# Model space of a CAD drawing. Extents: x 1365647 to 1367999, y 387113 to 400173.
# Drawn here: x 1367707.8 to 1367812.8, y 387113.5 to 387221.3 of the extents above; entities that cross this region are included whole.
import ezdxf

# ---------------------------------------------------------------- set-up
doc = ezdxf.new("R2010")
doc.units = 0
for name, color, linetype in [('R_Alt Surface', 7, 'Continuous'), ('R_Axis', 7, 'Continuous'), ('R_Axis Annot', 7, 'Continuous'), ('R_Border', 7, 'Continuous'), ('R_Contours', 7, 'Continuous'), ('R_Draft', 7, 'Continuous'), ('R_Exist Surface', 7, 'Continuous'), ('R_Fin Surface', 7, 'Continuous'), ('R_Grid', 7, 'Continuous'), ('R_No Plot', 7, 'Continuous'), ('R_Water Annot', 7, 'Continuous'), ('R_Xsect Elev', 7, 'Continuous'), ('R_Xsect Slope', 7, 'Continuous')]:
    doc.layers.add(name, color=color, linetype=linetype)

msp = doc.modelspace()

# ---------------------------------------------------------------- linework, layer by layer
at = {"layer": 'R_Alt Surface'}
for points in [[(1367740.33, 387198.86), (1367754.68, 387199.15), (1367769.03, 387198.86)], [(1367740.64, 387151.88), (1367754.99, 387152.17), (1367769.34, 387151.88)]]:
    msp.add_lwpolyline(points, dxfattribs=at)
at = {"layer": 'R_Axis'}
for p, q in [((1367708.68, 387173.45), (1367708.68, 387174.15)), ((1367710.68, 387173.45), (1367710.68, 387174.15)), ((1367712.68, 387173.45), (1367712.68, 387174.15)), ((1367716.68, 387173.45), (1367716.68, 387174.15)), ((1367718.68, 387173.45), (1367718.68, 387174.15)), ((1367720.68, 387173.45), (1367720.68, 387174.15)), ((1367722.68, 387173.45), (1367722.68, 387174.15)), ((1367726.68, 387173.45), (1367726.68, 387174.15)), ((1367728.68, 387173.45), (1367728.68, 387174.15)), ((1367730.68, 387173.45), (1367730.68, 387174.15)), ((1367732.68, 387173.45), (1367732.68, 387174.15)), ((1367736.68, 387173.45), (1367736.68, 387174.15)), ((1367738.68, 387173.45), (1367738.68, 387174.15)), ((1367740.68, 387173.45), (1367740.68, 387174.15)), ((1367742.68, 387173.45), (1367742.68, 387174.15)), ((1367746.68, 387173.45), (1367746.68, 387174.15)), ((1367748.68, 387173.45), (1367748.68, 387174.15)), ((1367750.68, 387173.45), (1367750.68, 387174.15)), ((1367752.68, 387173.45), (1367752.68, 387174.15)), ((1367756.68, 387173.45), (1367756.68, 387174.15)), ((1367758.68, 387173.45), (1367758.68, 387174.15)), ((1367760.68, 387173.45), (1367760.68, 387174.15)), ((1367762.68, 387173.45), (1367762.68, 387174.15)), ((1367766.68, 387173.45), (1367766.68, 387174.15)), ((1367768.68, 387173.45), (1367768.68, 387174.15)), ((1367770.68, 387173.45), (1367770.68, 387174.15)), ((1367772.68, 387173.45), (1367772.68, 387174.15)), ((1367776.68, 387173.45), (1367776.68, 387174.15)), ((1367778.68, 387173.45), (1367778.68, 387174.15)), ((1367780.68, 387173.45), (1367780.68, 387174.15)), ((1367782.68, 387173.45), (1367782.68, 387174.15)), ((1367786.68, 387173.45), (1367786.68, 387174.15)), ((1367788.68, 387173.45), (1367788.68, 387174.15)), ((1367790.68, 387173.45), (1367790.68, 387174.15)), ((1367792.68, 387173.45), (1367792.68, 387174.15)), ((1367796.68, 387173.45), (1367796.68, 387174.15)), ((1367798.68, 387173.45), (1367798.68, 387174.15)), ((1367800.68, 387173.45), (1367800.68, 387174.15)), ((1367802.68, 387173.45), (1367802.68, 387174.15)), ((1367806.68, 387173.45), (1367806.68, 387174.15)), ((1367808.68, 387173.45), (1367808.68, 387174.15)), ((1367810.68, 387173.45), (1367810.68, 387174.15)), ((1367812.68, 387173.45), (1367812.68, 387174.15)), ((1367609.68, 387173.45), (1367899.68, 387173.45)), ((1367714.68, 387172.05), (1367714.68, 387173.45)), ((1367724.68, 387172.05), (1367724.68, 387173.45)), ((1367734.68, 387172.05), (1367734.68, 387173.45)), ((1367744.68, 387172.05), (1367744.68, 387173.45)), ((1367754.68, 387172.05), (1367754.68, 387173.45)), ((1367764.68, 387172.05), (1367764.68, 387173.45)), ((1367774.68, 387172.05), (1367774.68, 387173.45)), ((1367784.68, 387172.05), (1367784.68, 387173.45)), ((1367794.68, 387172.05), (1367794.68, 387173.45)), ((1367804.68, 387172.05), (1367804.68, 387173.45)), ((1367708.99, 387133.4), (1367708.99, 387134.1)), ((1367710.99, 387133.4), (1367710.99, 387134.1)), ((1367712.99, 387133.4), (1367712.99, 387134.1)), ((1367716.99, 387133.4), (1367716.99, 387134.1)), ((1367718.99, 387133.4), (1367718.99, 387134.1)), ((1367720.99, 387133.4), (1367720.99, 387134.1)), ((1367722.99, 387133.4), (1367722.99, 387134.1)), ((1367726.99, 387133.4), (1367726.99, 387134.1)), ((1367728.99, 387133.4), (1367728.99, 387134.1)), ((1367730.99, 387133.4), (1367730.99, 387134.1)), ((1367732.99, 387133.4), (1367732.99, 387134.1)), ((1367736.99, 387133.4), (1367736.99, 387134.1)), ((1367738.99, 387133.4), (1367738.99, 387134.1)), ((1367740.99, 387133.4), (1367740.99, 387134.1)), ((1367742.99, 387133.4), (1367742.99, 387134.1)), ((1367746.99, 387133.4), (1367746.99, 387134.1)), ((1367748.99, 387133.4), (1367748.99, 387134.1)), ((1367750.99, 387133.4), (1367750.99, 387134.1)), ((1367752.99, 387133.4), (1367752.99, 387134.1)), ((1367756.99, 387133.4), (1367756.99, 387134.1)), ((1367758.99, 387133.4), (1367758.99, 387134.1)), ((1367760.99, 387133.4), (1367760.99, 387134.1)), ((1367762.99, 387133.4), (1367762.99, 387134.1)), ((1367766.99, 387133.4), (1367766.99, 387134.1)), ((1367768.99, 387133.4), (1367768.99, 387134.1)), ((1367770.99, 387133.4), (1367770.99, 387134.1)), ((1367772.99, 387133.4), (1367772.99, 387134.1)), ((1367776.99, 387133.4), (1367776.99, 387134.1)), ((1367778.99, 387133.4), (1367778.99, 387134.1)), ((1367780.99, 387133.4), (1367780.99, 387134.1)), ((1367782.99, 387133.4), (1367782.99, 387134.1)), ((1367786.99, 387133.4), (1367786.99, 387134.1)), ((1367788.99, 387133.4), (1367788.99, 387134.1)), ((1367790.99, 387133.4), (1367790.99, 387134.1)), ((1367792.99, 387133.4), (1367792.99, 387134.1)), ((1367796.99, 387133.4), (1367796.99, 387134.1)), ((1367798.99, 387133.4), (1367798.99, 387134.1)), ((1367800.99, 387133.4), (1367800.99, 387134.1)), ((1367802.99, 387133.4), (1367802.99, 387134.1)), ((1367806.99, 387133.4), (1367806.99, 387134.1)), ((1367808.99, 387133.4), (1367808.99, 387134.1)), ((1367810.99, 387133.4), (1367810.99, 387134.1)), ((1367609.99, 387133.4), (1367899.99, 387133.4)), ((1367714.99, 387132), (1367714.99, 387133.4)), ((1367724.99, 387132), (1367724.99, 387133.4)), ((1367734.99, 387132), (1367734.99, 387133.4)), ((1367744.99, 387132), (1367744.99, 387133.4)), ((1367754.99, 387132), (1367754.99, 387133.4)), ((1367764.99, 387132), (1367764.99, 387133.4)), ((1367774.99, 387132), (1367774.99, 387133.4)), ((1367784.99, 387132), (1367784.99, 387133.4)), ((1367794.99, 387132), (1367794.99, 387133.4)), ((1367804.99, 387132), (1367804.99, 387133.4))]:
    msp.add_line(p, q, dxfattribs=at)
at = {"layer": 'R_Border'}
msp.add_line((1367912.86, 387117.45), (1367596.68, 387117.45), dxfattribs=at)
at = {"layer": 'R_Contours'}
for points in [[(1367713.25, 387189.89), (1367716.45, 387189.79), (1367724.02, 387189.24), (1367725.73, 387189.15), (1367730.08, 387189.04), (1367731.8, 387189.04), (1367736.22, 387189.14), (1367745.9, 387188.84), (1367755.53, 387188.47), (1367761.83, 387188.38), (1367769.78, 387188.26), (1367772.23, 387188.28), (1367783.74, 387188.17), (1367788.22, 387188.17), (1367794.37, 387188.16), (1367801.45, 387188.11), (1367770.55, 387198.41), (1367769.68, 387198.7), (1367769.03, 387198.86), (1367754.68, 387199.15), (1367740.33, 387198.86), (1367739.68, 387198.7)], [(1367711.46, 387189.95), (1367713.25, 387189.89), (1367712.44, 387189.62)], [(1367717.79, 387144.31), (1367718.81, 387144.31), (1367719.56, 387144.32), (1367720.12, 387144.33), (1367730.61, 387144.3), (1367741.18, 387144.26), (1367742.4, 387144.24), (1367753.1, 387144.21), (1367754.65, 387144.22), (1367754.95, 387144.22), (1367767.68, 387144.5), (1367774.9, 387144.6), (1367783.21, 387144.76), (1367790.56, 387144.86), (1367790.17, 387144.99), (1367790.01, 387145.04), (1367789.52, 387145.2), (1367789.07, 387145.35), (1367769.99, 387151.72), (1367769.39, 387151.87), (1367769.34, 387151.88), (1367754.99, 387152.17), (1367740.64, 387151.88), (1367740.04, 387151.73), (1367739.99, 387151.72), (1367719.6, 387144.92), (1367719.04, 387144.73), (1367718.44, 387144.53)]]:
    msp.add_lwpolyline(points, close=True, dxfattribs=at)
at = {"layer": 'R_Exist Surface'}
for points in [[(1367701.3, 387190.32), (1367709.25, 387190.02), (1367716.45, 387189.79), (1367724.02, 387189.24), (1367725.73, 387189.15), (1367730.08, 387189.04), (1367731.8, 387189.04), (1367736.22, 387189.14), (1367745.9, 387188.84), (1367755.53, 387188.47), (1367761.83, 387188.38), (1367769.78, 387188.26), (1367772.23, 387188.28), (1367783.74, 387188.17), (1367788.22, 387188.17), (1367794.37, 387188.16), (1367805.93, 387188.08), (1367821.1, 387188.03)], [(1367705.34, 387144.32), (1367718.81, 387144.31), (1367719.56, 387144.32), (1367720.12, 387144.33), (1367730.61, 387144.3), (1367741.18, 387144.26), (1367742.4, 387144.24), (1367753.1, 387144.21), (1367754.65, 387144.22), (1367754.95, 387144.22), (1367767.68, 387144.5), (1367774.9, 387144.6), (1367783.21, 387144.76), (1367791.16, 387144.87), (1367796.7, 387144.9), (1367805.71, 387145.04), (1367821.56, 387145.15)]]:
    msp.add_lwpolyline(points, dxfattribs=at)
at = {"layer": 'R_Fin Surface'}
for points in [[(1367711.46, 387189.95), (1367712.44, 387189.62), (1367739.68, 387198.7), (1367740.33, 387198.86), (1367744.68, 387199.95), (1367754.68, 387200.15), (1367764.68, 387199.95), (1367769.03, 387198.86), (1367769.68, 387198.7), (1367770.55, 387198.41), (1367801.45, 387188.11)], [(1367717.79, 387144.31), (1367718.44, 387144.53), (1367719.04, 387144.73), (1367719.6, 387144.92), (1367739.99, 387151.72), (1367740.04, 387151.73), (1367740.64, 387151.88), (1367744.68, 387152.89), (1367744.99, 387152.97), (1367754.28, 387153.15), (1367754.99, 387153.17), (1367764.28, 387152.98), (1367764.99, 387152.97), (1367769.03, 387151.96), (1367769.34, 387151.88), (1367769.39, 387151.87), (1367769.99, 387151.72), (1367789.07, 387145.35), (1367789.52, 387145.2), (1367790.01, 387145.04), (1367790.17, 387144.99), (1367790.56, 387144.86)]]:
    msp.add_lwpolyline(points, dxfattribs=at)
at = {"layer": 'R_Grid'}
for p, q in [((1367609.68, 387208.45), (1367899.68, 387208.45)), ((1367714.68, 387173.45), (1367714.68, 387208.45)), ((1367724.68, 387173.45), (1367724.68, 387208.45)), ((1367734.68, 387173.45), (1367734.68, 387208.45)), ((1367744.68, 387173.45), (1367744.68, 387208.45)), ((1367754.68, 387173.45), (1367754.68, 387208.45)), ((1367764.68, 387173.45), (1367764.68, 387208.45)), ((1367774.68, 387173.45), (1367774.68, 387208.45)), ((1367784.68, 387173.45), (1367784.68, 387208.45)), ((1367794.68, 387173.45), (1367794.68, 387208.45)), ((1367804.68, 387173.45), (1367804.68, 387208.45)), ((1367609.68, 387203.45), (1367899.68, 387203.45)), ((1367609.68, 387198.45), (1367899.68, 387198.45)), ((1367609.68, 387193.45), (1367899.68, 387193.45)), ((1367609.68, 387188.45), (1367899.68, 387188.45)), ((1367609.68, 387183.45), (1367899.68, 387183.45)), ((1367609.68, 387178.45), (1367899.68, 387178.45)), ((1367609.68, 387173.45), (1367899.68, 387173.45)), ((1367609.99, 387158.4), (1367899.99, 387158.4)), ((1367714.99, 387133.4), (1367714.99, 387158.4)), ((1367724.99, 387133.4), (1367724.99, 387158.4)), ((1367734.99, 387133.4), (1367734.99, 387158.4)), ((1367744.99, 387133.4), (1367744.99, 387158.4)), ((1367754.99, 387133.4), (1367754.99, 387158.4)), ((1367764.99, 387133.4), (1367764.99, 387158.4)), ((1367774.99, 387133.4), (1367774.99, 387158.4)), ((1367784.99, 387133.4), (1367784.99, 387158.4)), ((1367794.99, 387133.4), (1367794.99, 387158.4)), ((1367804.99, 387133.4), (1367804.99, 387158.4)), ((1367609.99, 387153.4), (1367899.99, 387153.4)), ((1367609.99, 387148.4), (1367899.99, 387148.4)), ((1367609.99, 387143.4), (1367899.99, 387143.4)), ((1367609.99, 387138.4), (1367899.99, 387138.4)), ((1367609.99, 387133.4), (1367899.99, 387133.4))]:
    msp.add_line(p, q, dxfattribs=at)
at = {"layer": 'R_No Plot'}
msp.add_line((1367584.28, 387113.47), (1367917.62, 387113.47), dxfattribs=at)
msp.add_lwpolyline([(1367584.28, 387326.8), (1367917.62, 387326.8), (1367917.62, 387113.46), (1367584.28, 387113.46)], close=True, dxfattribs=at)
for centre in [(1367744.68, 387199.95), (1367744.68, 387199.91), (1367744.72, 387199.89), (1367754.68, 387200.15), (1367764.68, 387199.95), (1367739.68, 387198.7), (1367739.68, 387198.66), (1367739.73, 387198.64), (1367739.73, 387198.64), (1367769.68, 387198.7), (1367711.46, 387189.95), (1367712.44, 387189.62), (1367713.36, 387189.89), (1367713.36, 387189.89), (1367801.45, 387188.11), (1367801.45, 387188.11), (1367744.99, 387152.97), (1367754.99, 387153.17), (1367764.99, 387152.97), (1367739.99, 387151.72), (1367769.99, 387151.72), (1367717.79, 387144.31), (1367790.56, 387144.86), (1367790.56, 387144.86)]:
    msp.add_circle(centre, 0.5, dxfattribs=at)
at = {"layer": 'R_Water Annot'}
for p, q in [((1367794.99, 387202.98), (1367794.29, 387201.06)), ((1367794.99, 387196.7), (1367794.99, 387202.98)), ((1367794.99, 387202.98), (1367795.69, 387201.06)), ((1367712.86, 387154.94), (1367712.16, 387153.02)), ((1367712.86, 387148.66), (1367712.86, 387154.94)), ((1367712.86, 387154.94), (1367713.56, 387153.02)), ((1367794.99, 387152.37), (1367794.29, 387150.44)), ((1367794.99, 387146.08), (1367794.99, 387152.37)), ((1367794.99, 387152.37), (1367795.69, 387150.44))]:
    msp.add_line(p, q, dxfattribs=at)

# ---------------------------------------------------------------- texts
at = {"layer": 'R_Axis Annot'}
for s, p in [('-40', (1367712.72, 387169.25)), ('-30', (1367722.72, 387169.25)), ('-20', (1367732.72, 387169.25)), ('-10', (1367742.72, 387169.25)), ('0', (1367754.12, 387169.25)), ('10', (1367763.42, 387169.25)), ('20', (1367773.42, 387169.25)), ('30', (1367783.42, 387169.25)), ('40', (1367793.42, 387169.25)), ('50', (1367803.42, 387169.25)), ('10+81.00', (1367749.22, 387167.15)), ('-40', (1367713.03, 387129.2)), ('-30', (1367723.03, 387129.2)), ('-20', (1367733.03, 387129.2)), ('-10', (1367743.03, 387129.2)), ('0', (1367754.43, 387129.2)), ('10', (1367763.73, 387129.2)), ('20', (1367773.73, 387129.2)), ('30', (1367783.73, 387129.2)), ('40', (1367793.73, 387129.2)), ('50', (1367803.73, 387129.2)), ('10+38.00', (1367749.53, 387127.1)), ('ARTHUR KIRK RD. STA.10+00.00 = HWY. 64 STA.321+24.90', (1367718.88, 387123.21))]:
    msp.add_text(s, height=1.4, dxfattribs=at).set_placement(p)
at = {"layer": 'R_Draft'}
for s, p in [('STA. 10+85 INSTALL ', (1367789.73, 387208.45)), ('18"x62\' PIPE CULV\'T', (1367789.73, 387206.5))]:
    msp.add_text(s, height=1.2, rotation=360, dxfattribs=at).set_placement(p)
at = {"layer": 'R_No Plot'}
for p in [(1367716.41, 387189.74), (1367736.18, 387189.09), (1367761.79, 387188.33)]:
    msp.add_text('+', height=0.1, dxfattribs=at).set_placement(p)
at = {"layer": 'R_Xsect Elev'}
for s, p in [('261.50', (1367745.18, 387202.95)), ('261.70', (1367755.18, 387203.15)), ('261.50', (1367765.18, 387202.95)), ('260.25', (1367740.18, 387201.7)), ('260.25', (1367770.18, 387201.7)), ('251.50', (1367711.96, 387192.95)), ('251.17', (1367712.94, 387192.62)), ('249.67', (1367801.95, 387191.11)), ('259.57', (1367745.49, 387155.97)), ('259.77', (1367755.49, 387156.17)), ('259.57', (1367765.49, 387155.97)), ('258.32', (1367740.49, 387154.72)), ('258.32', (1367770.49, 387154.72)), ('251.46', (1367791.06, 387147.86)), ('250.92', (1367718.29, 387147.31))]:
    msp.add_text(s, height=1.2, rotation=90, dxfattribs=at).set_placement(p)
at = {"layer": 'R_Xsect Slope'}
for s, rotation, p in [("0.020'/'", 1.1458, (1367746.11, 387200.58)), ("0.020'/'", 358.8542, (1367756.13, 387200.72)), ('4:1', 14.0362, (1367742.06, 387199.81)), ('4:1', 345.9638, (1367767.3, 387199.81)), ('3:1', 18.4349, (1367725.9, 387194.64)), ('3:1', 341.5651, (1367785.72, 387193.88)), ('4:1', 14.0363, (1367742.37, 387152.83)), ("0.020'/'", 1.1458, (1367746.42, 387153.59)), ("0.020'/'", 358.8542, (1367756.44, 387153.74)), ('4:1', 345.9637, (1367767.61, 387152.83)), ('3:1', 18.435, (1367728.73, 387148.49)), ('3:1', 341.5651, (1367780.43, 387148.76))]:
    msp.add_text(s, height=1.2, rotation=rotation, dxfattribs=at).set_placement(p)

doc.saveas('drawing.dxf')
______________________________
What you should do: Your response should contain each line of the listing in which the word "close" occurs.

Result below:
    msp.add_lwpolyline(points, close=True, dxfattribs=at)
msp.add_lwpolyline([(1367584.28, 387326.8), (1367917.62, 387326.8), (1367917.62, 387113.46), (1367584.28, 387113.46)], close=True, dxfattribs=at)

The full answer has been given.